• You are using the old High Contrast theme. We have installed a new dark theme for you, called UI.X. This will work better with the new upgrade of our software. You can select it at the bottom of any page.

Some folks just shouldn't be allowed to own hacksaws...

Status
Not open for further replies.
Persoanally the shotgun bead sounds like a good idea to me.

For $75.00, I'd have bought that lost puppy home too, but don't be so hard on the guy who hacked the barrel off. It might have been REALLY screwed up before. :D
 
Well, 99.9999% of shooters are not equipped or qualified to swap a S&W barrel at home. Yes, you may get lucky and everything lines up along with an acceptable barrel/cylinder gap. However, quite often, it requires lathe work, setting the barrel back a thread or two and that, my friends, requires expertise. So no, while I am comfortable with a lot of home gunsmith work and own a lathe, I would not have taken that many-times-refinished sixgun home at $75. Or even free for that matter. I'd rather pay $300-$400 for a good one than a $0-$75 headache. Been there, done that, got the T-shirt. It would be different if it was in better shape with the original finish or a decent single action.
 
You know it's not THAT hard to solder on a front sight... It's been done for generations. One could be made, or just use a rifle ramp (they don't look good, I don't think, but they work). Of course, the nickel would need to be removed...
 
That was one of my original ideas. I have an old .38 top break in the parts bin. Excise the sight and a portion of the rib as the base. Voila, nickel half moon sight.
 
Last edited:
If the action is tight and the trigger feels decent then it would be criminal to just stick a bead on it. A 'smith that does lots of handguns would likely have the piloted end cutter and crowning cutter to restore the end of the barrel. From there some careful alignment and solder on a new front sight.

It still won't change the fact that the finish is rather ratty but as a shooter it would still have lots of life in it.

$75 for a project gun like this which has a tight action?
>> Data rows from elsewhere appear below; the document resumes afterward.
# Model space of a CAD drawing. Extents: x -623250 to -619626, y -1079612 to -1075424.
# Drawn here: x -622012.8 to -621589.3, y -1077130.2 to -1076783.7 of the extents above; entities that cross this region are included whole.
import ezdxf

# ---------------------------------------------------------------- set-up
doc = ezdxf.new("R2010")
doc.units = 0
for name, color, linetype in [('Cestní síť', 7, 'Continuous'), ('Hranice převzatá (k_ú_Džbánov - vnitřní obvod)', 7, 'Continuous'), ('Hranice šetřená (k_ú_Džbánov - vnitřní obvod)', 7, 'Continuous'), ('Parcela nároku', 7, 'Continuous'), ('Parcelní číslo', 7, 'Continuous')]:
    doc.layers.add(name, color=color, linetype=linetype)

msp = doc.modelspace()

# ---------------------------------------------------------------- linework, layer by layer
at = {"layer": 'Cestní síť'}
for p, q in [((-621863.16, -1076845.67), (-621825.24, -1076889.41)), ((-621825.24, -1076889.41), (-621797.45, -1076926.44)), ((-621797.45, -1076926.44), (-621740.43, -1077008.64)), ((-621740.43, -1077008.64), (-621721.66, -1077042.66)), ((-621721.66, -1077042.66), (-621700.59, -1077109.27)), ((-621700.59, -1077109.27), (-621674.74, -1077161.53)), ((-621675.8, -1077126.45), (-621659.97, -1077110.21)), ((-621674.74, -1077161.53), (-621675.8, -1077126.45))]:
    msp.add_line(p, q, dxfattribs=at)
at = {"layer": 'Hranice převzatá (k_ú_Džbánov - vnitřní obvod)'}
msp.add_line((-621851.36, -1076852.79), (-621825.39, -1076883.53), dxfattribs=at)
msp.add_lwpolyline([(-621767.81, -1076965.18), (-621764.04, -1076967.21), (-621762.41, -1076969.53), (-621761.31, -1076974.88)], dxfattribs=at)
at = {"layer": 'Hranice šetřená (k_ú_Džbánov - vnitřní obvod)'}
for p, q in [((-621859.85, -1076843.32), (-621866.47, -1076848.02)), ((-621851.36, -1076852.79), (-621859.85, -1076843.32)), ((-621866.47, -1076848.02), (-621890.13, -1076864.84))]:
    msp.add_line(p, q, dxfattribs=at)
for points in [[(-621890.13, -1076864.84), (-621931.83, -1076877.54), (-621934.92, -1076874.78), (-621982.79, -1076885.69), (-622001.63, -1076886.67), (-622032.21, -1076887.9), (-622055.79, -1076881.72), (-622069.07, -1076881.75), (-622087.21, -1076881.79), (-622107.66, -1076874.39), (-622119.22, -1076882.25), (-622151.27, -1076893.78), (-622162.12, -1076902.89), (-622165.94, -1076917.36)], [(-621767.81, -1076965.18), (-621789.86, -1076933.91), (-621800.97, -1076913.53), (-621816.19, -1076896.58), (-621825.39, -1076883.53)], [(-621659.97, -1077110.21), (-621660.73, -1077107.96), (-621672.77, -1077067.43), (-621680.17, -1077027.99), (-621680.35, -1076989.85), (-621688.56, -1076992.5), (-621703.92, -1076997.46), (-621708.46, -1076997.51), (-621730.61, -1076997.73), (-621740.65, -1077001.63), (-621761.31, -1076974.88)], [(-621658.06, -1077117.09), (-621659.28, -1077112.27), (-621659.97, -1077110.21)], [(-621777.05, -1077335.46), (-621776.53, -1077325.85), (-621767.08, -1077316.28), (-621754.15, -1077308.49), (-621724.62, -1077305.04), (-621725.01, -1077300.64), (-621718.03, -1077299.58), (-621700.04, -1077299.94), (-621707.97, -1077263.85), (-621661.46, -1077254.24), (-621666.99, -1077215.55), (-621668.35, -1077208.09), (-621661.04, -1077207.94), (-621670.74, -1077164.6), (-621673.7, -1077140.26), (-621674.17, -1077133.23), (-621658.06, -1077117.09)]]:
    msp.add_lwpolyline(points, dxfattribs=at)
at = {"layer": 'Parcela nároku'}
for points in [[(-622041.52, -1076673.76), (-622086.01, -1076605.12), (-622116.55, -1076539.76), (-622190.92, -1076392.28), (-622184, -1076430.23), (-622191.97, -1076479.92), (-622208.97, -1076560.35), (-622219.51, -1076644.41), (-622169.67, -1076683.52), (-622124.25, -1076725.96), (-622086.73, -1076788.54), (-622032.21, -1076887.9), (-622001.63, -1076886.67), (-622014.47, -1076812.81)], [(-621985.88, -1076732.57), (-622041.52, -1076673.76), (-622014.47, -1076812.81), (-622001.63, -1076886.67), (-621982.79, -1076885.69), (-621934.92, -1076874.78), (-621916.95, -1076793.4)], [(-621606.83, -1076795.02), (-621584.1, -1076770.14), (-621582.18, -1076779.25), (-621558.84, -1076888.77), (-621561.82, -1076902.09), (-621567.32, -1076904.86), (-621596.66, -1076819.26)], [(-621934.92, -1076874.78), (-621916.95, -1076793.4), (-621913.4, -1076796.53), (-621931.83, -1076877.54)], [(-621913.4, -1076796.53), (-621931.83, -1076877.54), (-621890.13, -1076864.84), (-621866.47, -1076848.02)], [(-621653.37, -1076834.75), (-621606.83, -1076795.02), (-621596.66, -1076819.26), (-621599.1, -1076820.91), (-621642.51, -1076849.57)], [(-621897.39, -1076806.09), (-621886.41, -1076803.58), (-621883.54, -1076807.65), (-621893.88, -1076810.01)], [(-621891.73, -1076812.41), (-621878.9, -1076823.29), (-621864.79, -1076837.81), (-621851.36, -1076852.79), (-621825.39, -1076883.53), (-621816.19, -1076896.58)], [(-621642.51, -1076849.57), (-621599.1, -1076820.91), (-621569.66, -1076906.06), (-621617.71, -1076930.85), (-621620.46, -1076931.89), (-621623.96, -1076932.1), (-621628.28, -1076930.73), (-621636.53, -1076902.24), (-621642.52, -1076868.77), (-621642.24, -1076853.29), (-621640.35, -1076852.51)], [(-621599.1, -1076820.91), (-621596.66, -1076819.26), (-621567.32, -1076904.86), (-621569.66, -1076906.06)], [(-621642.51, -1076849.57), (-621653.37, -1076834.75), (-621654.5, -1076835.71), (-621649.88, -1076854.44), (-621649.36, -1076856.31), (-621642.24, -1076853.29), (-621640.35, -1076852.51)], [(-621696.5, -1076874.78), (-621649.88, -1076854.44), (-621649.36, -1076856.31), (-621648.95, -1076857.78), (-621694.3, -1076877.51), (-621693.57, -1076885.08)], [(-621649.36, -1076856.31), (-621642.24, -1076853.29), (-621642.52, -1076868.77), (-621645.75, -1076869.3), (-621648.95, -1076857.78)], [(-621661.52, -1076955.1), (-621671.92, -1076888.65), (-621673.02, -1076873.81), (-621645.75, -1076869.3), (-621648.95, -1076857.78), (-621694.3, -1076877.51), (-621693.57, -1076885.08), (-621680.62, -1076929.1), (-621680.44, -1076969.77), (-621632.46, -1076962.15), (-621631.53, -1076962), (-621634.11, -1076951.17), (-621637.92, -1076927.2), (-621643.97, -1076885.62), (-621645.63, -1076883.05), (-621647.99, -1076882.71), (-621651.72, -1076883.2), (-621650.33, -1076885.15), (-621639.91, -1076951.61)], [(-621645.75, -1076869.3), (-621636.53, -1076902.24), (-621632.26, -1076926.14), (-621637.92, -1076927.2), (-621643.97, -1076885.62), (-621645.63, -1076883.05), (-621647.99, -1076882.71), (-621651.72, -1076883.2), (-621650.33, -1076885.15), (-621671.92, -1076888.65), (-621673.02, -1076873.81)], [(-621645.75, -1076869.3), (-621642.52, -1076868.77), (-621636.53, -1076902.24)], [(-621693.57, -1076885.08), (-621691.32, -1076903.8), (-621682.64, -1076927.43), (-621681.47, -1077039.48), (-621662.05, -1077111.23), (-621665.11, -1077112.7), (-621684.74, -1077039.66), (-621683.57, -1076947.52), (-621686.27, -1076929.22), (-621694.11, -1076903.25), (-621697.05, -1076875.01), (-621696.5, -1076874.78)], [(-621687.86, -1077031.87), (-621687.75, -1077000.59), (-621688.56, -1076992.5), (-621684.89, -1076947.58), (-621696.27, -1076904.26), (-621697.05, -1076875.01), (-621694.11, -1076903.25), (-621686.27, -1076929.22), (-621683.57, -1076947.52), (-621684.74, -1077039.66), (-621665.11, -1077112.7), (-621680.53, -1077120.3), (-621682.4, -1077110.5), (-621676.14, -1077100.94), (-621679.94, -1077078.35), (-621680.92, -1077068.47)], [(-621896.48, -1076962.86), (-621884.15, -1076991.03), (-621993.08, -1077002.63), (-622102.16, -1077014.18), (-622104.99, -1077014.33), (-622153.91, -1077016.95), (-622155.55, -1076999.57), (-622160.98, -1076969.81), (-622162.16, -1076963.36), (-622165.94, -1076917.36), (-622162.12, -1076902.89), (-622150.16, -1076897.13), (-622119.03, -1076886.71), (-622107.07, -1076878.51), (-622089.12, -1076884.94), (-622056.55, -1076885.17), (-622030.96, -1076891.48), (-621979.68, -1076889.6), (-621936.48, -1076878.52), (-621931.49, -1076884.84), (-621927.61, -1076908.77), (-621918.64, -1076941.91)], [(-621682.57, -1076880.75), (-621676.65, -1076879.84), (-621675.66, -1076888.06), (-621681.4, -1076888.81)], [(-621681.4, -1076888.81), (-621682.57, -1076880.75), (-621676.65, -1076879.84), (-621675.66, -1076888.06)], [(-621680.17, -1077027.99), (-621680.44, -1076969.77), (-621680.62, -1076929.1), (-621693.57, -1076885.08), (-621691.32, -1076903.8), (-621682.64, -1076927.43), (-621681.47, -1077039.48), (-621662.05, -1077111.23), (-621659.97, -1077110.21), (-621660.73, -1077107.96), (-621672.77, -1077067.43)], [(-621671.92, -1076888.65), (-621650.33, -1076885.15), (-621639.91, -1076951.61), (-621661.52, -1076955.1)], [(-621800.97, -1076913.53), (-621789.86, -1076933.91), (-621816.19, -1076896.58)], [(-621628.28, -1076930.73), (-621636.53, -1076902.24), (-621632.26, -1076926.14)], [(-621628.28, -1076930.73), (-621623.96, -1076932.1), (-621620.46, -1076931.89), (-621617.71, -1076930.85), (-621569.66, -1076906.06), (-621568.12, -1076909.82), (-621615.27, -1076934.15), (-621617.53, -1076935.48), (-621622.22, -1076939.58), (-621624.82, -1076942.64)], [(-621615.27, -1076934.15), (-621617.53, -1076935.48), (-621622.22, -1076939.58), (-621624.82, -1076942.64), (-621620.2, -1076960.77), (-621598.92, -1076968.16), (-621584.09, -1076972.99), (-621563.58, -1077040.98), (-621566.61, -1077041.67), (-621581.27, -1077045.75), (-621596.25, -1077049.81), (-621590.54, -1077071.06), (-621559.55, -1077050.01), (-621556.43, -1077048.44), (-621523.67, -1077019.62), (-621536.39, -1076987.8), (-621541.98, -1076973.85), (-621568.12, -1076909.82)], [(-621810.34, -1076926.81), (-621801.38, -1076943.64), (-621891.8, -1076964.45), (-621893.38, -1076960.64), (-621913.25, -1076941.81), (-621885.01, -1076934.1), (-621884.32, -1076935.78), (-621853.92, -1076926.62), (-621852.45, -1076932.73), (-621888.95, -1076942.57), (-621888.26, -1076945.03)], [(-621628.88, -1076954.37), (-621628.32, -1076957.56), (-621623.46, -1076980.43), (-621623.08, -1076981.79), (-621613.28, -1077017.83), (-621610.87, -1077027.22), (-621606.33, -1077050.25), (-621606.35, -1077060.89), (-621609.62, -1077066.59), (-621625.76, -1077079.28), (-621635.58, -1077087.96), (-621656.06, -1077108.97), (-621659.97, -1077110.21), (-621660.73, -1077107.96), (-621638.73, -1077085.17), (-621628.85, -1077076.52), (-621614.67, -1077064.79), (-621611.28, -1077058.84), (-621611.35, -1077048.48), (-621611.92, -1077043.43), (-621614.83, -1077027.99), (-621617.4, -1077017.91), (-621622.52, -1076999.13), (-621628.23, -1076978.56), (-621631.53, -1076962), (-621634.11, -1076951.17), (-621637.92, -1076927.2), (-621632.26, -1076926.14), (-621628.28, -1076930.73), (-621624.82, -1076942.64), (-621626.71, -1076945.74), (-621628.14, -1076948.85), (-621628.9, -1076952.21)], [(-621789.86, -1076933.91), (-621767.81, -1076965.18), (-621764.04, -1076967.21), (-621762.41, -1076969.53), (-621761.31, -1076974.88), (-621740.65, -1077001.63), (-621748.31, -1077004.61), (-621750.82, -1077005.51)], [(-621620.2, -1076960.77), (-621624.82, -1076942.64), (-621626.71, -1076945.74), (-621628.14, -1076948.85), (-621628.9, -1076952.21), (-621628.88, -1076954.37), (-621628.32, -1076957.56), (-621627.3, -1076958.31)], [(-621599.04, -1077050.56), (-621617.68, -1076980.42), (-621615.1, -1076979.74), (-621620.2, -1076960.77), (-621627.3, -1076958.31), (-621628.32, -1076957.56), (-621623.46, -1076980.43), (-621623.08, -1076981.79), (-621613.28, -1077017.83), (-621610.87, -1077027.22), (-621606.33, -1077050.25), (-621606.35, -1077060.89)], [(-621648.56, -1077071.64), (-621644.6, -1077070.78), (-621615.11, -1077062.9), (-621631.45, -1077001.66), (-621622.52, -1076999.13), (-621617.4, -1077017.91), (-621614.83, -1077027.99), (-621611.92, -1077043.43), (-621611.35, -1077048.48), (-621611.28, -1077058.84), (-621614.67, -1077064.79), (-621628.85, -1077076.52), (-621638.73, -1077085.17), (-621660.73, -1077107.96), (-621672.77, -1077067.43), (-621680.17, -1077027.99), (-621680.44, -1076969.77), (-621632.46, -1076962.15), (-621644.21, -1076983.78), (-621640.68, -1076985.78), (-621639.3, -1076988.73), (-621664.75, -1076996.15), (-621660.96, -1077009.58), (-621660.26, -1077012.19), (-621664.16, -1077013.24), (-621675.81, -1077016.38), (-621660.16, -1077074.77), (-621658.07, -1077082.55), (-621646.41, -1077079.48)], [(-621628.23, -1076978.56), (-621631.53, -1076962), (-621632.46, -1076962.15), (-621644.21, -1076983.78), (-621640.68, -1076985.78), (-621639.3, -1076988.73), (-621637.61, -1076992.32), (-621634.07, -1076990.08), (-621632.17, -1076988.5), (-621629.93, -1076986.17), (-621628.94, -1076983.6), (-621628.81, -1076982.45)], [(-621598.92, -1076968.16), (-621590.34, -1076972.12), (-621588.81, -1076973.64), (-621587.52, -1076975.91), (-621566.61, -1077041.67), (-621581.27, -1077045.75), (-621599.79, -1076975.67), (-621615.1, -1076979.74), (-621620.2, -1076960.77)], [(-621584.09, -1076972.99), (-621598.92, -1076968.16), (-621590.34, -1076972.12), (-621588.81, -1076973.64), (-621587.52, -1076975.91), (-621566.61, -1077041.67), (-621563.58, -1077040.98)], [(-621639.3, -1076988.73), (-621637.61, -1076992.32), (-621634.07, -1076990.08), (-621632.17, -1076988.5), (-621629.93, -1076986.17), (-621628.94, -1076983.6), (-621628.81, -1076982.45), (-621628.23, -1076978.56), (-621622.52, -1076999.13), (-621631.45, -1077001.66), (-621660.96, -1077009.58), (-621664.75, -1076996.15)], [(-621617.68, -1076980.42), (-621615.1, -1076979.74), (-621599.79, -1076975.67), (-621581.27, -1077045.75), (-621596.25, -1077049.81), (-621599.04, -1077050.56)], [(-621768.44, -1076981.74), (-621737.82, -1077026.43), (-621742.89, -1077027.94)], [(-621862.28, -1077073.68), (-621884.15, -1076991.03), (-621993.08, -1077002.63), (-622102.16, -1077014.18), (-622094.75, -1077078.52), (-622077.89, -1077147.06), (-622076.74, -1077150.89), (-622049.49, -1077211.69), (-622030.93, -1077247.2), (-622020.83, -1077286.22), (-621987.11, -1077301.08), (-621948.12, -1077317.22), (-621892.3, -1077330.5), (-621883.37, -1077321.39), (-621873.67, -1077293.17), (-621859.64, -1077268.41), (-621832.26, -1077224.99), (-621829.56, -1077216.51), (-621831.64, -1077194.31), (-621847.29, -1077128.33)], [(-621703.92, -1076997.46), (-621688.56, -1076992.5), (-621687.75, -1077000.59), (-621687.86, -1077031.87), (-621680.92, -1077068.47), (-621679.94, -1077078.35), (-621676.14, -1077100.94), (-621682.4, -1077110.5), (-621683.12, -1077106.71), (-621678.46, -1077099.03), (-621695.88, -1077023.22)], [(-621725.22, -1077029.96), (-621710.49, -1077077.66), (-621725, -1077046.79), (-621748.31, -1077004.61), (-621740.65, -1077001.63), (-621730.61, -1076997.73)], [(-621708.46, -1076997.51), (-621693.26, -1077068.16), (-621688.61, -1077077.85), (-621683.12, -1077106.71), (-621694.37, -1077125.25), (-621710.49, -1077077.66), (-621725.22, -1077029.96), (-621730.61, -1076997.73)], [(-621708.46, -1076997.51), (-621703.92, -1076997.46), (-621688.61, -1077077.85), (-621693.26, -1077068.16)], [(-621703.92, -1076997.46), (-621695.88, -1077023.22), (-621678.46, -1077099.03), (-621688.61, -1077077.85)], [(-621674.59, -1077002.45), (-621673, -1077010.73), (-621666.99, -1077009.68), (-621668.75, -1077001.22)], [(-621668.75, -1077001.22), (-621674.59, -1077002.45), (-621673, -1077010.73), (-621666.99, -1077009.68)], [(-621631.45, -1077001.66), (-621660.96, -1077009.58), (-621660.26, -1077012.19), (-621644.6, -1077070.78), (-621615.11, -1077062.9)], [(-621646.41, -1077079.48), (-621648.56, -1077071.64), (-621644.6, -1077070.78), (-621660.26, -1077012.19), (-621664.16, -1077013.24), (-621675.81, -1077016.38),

I'd take it so fast my wallet would be near to bursting into flames from the friction of being drawn so fast..... :D

Another interesting option for it is to get even more carried away and chop it down into a Fitz conversion or something similar. Someone here did such a thing to an old Model 10 a year or two back. Don't recall who it was. But the results were not bad.
 
BC, that is actually close to where I'm going with it. The Barrel was 3 5/8" and cut at an angle. I cut it square at an even 3", and broke out the 11 degree crown cutter. Somewhere around the shop is an old Stevens shotgun barrel with a small silver bead. I'd like to find a decent set of grips, but I can't locate the ones from my old model 10. Anyway, it should end up as a useful POS.
 
Makes you wonder if the previous owner took the "just file the front sight down" a little to far.:neener:
 
Another crappy photo, showing the now 3" crowned barrel. BTW, took it out with some 158 LSWCs. Not surprisingly, it went bang every time.

I take it back, just checked with the vernier... Barrel is 3.056 :p
 

Attachments

  • 0103121909.jpg
    0103121909.jpg
    33.9 KB · Views: 60
Cheapest fix is a front sight from Numrich soldered in place. I was willing to try the swap (and I am no machinist or gunsmith) to have an original looking gun.
 
Well if nothing else works you could make yourself a fitz special. I wouldn't normally advise such butchery but someone else already bubba'd that gun so you can be guilt free.
 
I'd still rather have a blade on it for a variety of reasons. First is that you can make it a little too high in purpose and file it down to match the load you want to shoot from it. Second is that with a soldered on blade the front sight would be more streamlined and not tend to snag on a pocket or holster.
 
Dang, some of the posts on here are funny.

Seems like some of us see a functioning and viable firearm for $75. I'd jump all over it for that price.

Betting you could glue half a nickel on it and make more than your money back on it relatively quickly.

All you guys crying about the shame of it or how horrible it is or that it just needs to be parted out or just is junk now...next time you find one like this lemme know please.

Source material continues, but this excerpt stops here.